**PROBLEM DESCRIPTION**
Taking each line of the material in turn, count those with the string "ezdxf" and answer with the count alone.

**DATA LISTING**
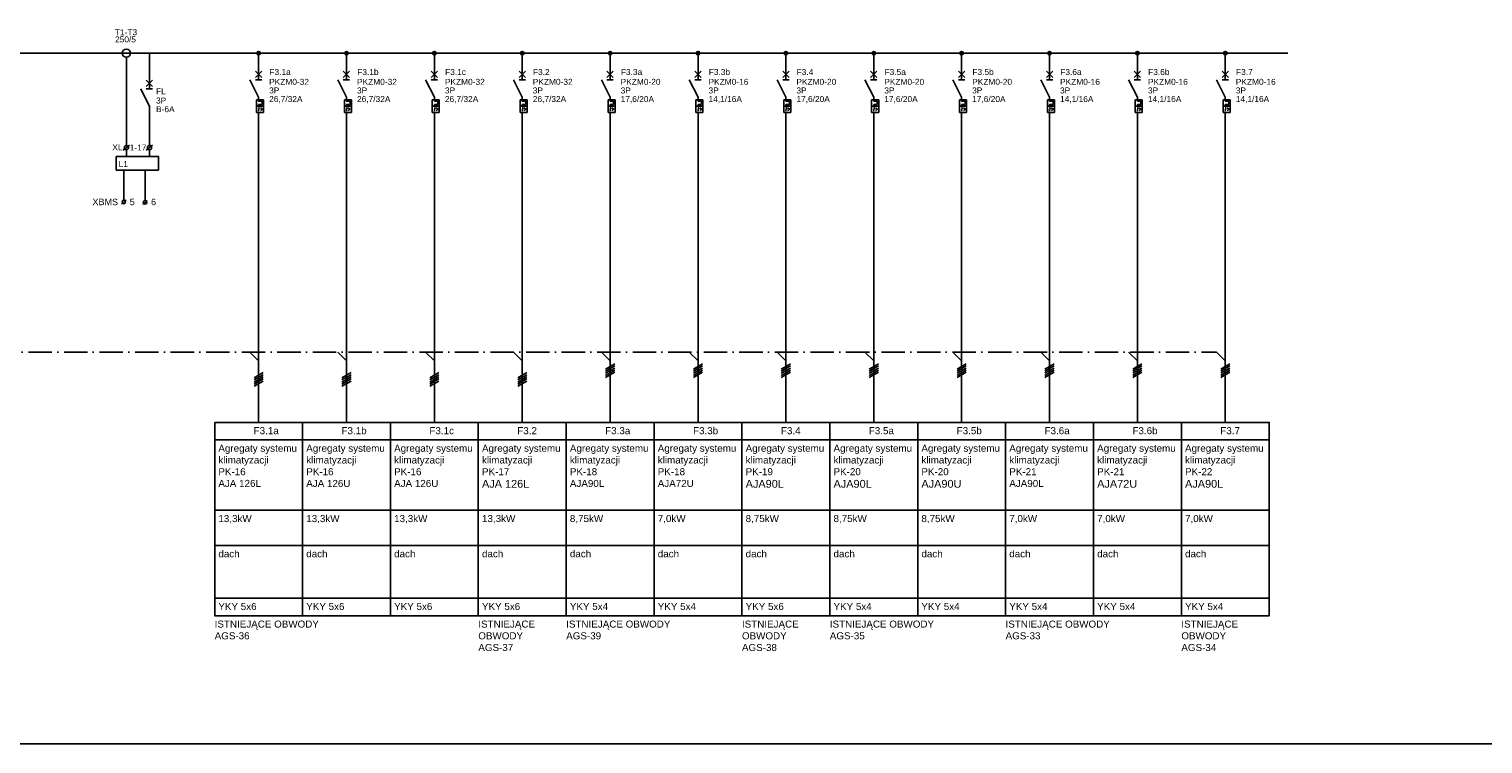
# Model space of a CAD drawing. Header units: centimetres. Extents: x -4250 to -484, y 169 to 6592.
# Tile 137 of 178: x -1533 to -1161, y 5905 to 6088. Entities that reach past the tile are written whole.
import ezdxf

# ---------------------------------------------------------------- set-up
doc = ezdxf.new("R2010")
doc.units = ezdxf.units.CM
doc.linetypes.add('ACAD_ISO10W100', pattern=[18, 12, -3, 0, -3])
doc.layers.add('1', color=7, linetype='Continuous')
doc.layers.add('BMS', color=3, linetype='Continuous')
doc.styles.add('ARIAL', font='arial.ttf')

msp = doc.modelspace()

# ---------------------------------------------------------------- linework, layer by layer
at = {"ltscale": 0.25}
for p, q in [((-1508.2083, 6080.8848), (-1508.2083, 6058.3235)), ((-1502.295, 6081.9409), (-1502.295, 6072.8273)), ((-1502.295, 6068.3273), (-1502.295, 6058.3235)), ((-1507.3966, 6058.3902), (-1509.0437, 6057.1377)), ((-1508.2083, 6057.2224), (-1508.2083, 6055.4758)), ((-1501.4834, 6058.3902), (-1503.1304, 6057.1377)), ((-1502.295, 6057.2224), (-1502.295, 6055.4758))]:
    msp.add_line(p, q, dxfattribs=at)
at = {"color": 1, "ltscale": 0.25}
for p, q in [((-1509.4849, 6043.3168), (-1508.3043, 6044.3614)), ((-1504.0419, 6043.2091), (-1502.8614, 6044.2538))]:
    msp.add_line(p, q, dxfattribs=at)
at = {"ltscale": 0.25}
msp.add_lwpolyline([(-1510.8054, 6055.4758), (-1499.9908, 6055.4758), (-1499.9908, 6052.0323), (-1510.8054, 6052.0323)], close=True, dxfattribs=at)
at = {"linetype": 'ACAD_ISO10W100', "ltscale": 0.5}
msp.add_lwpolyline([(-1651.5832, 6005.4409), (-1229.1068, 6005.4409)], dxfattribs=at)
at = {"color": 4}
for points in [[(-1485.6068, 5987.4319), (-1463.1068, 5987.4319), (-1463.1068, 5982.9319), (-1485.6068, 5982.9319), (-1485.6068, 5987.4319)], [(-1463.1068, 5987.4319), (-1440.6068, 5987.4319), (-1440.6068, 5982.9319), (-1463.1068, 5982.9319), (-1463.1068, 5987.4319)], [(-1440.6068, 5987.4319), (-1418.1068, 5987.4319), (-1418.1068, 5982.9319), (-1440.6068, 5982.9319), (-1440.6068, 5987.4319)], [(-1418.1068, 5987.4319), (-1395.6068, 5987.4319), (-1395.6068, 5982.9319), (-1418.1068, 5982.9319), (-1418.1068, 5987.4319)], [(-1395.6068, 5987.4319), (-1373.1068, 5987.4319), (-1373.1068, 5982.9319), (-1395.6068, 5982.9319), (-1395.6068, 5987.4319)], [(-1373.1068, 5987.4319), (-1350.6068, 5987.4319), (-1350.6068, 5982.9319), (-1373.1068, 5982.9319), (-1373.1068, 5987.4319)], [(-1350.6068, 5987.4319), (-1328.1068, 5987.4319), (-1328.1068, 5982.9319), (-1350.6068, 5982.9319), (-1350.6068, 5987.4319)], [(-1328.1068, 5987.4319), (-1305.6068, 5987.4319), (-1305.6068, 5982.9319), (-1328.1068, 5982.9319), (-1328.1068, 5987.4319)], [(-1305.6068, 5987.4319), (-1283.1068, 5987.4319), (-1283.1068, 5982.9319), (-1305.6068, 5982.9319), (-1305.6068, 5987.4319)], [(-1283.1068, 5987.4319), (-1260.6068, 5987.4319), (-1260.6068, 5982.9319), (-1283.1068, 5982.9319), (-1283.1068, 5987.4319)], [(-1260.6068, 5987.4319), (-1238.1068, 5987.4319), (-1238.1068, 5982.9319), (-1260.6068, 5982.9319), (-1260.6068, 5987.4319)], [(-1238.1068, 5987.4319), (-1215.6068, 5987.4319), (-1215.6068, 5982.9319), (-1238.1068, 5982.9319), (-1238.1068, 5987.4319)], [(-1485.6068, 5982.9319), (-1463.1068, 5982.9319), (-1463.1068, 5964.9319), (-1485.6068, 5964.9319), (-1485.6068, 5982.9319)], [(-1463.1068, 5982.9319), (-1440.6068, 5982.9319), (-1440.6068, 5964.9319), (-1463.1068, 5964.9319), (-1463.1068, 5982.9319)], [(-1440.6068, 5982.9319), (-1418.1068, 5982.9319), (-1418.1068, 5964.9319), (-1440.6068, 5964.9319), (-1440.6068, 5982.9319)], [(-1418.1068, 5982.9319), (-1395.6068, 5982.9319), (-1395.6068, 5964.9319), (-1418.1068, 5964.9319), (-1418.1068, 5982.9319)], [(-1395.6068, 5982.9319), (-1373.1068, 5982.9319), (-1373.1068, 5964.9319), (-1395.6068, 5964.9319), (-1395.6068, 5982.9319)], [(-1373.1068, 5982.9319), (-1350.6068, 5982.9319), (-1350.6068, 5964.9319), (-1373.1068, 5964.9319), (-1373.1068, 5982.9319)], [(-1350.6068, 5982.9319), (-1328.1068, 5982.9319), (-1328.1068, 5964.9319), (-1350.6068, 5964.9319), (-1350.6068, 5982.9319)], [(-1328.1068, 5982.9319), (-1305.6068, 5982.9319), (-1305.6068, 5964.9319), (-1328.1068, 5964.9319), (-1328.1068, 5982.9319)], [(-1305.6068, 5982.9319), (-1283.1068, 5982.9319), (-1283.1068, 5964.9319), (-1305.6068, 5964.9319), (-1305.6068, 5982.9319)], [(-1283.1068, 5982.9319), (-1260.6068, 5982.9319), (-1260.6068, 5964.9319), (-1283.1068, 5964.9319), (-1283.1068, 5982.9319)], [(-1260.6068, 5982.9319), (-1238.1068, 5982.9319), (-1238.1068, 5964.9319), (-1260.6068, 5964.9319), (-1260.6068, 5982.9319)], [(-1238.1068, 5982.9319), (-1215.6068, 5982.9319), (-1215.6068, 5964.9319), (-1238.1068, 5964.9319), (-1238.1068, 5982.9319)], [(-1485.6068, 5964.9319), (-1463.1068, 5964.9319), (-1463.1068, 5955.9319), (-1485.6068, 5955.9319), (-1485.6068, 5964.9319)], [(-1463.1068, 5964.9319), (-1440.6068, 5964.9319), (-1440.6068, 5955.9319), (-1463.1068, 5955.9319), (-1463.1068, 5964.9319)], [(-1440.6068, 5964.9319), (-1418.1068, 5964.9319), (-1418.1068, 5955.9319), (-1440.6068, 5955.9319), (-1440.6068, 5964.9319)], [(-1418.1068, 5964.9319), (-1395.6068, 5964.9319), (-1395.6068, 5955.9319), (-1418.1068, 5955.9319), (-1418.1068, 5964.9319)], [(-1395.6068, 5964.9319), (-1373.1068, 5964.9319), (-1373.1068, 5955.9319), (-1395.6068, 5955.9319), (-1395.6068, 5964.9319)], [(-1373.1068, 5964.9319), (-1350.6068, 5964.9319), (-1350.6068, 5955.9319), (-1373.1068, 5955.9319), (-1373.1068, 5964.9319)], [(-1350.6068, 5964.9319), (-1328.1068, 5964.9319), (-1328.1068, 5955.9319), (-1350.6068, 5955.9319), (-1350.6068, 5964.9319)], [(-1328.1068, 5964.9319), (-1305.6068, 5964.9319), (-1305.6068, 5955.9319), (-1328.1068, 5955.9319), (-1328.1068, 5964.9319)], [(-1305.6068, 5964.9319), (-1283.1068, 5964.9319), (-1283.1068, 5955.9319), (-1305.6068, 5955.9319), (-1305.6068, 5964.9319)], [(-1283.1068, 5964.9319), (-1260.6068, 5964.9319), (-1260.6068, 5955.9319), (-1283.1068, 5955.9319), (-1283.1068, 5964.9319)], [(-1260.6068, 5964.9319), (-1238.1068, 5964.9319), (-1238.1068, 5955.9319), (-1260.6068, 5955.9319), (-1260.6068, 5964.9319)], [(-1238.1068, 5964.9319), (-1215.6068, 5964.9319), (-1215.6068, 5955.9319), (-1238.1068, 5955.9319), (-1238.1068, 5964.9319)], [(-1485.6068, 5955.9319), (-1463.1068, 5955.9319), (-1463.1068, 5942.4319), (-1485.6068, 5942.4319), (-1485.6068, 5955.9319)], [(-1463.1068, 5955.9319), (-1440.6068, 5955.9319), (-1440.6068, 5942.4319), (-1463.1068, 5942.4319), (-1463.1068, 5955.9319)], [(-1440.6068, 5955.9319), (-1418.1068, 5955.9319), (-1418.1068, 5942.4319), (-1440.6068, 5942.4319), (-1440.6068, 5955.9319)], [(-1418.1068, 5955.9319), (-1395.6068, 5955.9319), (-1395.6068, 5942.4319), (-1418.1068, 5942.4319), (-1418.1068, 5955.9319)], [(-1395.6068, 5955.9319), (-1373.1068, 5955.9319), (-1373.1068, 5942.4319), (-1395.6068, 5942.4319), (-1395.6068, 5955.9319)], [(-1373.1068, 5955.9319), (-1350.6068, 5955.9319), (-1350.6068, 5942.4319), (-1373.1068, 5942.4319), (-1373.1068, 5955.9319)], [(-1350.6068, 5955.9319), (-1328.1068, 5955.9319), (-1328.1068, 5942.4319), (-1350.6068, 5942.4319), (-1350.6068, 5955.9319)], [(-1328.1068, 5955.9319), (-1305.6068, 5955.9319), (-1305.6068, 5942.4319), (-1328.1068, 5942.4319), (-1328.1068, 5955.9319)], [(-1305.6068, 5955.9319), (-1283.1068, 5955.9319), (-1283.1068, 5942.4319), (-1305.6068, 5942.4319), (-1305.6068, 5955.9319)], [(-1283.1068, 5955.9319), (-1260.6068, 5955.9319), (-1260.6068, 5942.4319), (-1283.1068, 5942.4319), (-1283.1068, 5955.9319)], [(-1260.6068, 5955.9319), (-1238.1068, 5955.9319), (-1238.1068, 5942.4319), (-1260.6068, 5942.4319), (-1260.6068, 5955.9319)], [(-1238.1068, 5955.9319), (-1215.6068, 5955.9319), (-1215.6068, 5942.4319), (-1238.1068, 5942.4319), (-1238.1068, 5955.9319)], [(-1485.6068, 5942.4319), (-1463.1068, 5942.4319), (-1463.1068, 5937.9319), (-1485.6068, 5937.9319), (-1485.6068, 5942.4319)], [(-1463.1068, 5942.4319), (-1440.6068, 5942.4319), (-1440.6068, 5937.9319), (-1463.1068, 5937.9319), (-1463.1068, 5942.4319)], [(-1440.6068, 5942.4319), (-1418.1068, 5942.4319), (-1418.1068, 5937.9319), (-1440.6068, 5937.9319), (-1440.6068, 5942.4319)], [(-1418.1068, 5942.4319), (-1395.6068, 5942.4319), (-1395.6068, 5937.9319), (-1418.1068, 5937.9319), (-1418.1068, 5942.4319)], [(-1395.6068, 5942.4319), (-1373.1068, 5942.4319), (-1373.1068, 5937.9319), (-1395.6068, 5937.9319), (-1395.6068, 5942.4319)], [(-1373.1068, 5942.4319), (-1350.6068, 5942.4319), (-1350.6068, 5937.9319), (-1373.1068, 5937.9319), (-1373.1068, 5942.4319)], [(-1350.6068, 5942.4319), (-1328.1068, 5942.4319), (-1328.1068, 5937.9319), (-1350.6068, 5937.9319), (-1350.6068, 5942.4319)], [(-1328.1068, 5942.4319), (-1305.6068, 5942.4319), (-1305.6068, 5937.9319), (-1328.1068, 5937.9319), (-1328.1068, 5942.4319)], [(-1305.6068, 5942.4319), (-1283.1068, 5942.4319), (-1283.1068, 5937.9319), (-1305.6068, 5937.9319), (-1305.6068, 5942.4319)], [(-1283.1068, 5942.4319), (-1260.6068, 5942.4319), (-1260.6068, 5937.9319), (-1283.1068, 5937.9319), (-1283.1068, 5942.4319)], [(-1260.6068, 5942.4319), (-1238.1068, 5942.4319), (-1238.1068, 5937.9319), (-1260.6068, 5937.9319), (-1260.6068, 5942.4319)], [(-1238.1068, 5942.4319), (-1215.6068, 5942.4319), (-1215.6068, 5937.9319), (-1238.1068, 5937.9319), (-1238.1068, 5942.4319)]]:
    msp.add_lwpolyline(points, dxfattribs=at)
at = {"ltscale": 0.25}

**RESPONSE**
3